Copy each line of the data that has "Speed" in it.

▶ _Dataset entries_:
-*-

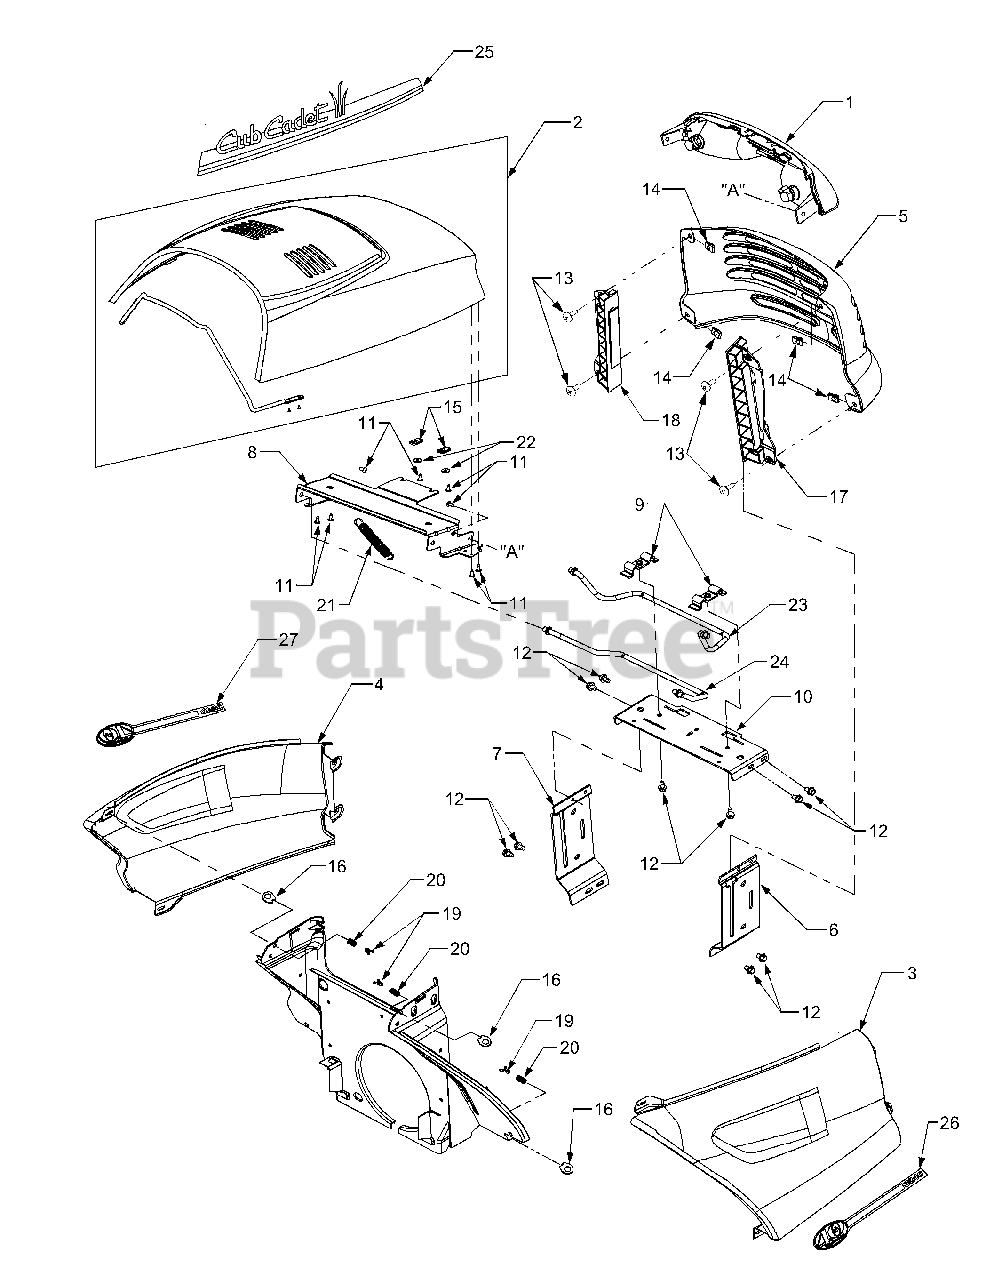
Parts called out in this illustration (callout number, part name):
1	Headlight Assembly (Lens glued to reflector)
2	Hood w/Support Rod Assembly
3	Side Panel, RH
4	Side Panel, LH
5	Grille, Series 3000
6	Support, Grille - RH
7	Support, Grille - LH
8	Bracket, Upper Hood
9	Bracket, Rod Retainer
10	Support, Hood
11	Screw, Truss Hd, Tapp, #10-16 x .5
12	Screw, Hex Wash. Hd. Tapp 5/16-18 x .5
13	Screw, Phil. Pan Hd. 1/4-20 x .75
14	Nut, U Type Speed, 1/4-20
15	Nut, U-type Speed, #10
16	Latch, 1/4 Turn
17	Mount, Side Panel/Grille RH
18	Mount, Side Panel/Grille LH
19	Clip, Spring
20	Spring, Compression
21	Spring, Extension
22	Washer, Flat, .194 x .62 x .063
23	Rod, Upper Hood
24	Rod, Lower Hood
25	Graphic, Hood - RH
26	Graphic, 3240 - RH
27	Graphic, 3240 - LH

-*-

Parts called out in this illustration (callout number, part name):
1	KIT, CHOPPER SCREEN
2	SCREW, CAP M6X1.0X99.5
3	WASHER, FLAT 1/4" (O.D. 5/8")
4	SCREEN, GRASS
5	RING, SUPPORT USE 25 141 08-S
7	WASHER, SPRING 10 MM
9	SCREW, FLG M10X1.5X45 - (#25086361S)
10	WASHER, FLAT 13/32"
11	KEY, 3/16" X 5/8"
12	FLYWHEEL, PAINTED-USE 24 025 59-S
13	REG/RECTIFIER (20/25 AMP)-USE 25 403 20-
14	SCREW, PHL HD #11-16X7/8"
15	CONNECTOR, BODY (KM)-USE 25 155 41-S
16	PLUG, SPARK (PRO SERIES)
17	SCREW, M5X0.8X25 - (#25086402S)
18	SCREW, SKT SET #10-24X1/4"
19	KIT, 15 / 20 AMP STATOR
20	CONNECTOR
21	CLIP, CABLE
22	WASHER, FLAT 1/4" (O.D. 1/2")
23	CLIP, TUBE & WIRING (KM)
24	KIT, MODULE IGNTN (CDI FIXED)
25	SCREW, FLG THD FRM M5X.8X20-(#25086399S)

-*-

▶ _Solution to the exercise_:
14	Nut, U Type Speed, 1/4-20
15	Nut, U-type Speed, #10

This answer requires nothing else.